## [Entries taken from a collection]
################

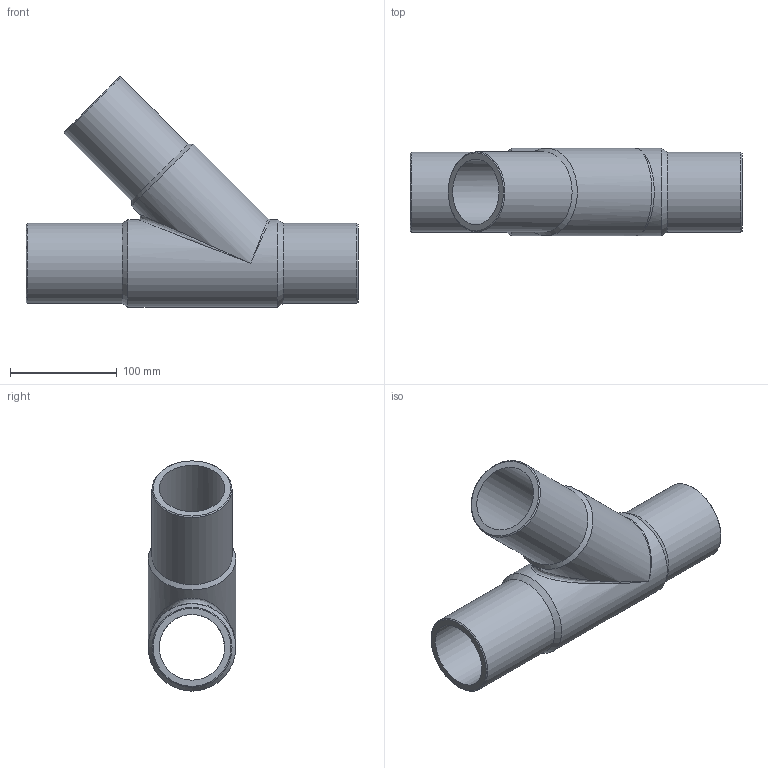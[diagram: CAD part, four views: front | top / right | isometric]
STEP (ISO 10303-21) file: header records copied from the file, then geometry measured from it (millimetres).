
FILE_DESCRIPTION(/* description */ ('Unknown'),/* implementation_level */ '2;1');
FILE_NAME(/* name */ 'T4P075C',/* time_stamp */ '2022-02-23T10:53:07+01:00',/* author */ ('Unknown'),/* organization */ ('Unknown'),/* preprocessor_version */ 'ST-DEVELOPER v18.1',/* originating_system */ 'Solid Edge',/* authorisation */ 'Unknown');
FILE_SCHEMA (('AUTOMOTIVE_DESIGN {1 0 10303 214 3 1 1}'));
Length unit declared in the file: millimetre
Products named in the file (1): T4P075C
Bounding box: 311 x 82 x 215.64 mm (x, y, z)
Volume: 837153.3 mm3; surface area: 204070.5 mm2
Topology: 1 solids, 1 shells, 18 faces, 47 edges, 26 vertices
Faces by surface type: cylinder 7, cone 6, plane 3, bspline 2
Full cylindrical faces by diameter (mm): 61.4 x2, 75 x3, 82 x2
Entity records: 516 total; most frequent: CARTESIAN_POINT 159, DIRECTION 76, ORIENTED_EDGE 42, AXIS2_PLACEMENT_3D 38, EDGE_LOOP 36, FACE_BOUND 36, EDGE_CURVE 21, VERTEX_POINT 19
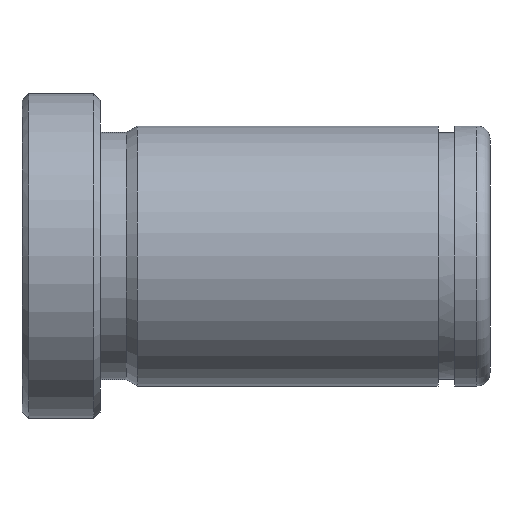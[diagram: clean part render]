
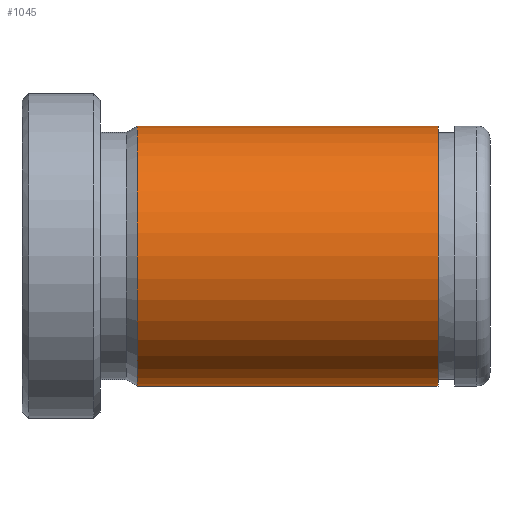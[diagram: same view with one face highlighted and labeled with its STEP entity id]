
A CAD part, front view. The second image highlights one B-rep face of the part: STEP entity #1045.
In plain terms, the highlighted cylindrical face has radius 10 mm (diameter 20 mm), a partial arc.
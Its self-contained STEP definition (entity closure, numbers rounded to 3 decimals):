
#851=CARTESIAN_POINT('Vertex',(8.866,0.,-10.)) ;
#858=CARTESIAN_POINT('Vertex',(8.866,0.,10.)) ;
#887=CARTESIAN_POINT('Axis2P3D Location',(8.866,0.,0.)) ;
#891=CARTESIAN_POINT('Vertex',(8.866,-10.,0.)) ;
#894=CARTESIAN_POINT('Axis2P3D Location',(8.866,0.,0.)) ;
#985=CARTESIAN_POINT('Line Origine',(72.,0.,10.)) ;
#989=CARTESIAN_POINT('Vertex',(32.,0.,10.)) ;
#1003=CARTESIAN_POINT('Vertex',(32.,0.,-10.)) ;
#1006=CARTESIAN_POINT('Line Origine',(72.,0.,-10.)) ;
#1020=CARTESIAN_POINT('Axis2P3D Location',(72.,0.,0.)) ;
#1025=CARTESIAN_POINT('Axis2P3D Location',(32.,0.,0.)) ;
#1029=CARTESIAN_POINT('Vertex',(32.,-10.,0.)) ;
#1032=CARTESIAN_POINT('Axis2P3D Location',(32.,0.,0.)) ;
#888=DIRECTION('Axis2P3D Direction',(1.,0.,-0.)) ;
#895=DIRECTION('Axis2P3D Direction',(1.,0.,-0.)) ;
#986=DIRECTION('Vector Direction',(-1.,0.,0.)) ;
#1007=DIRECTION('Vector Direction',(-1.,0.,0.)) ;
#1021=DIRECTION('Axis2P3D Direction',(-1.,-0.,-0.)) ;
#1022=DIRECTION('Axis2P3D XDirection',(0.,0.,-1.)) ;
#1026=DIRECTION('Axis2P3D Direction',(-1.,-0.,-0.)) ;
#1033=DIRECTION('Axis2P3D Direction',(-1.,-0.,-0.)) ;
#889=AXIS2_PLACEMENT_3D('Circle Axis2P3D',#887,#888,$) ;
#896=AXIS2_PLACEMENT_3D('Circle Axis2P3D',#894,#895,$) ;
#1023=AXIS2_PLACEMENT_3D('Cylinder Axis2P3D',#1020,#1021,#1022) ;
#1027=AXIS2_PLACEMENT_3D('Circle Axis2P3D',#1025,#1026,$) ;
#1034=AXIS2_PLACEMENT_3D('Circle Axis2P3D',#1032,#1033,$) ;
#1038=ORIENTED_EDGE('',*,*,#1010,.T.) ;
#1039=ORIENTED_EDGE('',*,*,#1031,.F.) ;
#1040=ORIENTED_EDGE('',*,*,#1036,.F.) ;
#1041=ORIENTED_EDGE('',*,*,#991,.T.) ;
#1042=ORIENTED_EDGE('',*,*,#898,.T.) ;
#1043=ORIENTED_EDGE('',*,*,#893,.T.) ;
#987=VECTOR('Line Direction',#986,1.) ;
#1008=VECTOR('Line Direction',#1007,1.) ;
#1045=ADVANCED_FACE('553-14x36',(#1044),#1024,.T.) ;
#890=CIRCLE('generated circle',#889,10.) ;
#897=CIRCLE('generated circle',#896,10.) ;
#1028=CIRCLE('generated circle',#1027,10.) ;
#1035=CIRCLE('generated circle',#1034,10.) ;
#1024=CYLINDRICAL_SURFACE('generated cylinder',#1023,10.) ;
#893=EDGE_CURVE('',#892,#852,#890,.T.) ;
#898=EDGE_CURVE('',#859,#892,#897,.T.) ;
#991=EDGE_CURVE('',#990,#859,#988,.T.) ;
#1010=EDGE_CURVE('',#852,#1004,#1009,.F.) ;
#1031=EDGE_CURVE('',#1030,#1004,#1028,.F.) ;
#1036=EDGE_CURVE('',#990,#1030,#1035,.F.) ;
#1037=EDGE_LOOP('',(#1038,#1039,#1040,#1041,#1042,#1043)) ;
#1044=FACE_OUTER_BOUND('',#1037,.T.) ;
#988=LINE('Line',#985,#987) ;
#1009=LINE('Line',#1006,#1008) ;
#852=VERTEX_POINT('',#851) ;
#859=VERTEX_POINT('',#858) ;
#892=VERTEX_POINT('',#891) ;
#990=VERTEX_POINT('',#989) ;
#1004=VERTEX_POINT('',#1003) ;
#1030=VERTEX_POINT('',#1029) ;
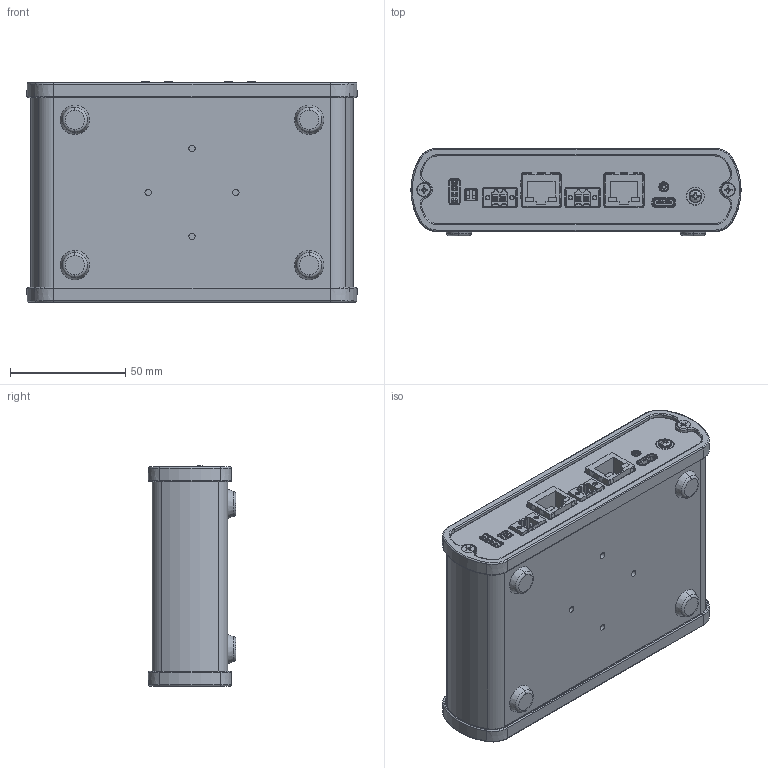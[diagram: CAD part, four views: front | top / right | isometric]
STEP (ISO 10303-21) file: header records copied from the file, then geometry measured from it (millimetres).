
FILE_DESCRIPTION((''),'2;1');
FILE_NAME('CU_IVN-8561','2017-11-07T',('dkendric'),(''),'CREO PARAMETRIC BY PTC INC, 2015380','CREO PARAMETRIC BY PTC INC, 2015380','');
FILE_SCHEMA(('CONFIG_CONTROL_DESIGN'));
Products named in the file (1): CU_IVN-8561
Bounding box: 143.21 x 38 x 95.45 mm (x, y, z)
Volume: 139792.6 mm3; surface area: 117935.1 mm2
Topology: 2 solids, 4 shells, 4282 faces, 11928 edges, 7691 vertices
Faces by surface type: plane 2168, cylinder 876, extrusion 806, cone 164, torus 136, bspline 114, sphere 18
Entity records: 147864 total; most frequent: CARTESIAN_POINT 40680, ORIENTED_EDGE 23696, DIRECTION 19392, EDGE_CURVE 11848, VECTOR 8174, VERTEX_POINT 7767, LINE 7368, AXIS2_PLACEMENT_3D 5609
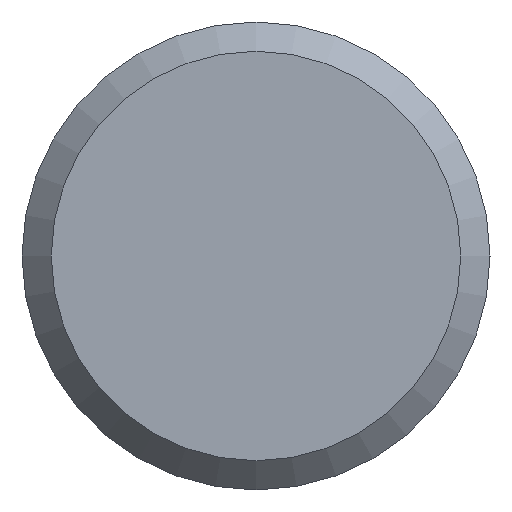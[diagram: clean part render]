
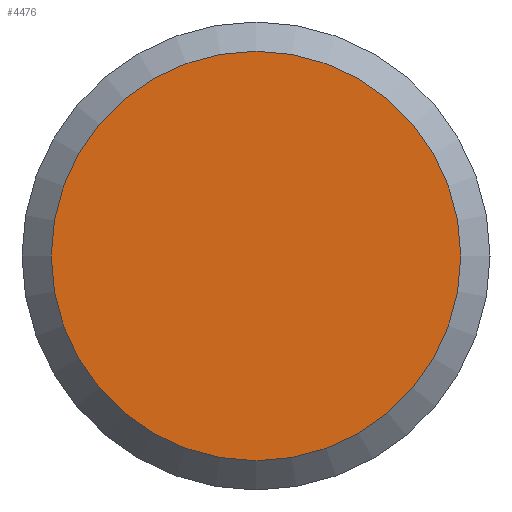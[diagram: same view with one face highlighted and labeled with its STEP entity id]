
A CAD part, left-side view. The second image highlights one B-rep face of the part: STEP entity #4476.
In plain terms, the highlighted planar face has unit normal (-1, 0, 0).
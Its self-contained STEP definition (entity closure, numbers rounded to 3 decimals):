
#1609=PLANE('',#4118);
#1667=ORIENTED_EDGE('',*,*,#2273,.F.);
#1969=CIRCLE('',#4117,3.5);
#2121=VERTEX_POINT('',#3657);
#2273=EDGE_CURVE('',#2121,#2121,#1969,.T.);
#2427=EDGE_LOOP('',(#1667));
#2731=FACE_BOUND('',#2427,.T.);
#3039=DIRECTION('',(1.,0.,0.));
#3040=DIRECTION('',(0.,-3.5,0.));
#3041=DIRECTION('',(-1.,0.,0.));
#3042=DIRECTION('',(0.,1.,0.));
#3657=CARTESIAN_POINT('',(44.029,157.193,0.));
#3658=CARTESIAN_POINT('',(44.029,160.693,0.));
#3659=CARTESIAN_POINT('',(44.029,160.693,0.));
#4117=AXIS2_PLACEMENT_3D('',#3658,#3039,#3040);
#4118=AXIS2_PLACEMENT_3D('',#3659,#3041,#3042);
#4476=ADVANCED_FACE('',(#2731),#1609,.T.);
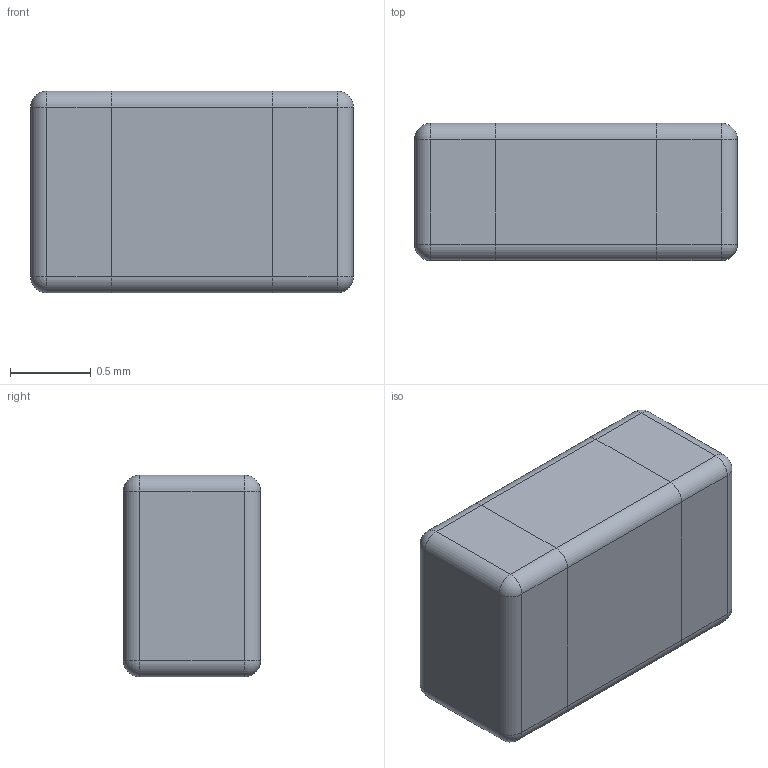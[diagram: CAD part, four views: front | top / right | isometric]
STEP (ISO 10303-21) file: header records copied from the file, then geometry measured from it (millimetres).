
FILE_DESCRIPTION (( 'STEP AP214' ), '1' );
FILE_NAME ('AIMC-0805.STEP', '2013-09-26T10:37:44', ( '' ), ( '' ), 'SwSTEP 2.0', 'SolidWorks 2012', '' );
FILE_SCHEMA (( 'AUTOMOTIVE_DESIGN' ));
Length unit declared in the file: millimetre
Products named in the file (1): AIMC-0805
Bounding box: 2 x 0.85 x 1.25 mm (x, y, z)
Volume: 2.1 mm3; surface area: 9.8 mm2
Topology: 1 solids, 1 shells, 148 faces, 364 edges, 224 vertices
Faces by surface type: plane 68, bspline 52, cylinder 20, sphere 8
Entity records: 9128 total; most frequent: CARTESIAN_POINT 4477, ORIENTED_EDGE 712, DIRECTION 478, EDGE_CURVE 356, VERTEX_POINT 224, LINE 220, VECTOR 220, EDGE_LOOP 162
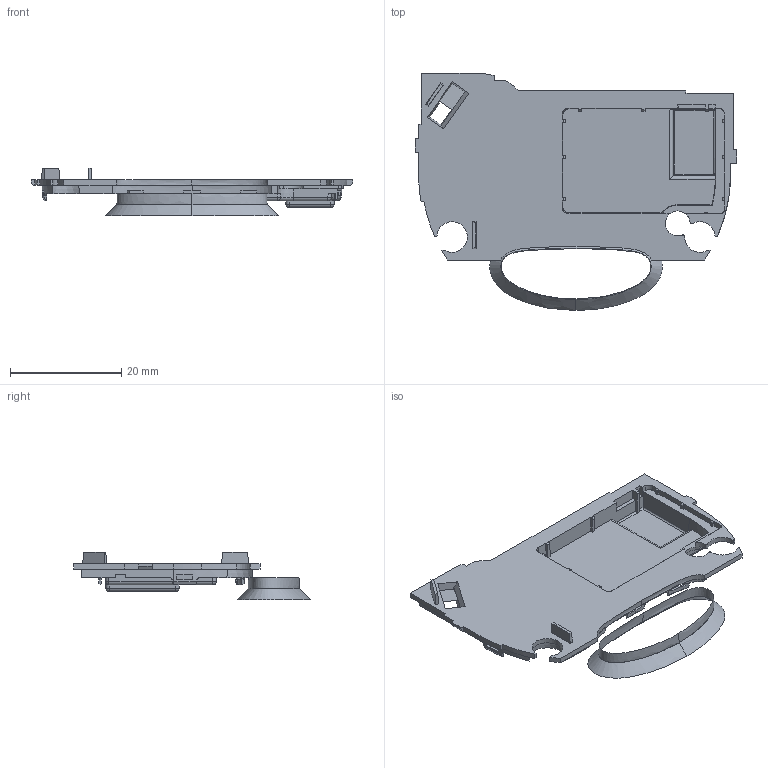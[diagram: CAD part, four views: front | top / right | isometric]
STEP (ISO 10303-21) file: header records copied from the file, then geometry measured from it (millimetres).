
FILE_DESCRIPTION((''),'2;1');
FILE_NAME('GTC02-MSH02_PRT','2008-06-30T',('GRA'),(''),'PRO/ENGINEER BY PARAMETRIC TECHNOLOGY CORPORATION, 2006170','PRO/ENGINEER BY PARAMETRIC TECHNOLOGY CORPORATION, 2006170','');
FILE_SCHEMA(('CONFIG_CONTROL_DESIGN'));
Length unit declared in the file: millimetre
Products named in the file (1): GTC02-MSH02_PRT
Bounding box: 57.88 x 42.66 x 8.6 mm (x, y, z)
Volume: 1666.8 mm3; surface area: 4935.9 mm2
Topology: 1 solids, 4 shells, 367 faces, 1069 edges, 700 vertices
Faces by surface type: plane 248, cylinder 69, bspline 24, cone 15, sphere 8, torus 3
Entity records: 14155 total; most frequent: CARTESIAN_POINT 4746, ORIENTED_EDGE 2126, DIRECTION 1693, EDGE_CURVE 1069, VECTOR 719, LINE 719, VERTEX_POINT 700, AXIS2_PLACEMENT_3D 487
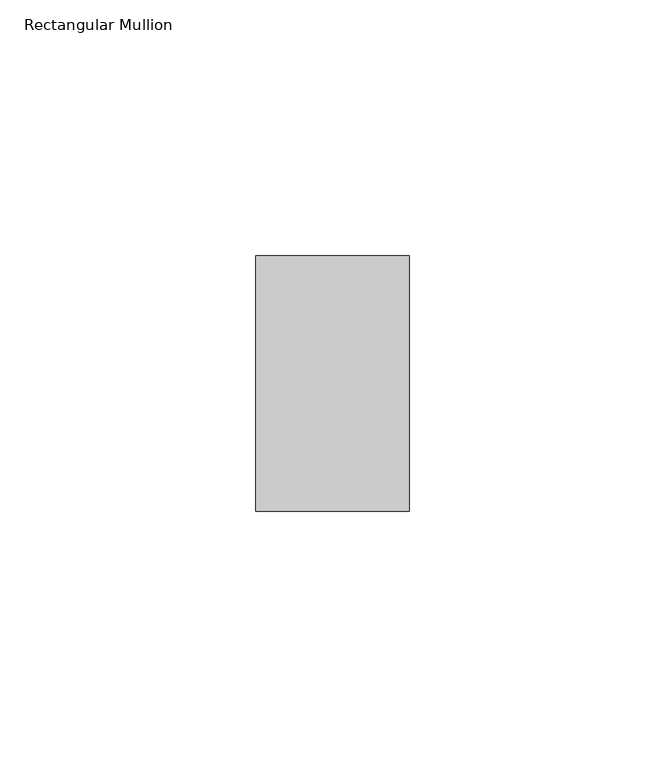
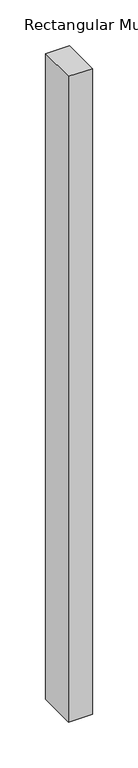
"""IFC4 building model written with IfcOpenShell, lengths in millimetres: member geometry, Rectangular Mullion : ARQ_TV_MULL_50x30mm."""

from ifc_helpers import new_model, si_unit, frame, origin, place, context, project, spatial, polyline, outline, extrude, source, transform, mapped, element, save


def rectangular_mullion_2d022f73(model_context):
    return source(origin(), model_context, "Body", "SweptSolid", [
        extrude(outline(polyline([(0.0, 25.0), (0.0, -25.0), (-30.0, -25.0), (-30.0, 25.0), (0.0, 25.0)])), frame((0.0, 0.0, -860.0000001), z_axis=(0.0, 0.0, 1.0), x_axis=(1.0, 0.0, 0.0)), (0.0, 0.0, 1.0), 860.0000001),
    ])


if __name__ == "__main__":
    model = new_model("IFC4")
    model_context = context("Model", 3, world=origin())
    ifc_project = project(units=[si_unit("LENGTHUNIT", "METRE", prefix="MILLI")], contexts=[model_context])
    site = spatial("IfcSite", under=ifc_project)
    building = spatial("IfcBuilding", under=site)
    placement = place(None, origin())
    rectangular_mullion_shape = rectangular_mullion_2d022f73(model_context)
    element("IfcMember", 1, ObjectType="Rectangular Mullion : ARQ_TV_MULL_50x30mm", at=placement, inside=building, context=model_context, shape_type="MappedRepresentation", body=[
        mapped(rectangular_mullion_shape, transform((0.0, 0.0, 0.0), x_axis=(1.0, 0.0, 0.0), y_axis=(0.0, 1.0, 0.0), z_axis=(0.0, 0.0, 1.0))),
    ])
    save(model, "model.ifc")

################

## [EXERCISE REQUIREMENTS]
Filter the data above by the word "source" and copy every line that matches.

## [RESPONSE TO THE EXERCISE]
from ifc_helpers import new_model, si_unit, frame, origin, place, context, project, spatial, polyline, outline, extrude, source, transform, mapped, element, save
    return source(origin(), model_context, "Body", "SweptSolid", [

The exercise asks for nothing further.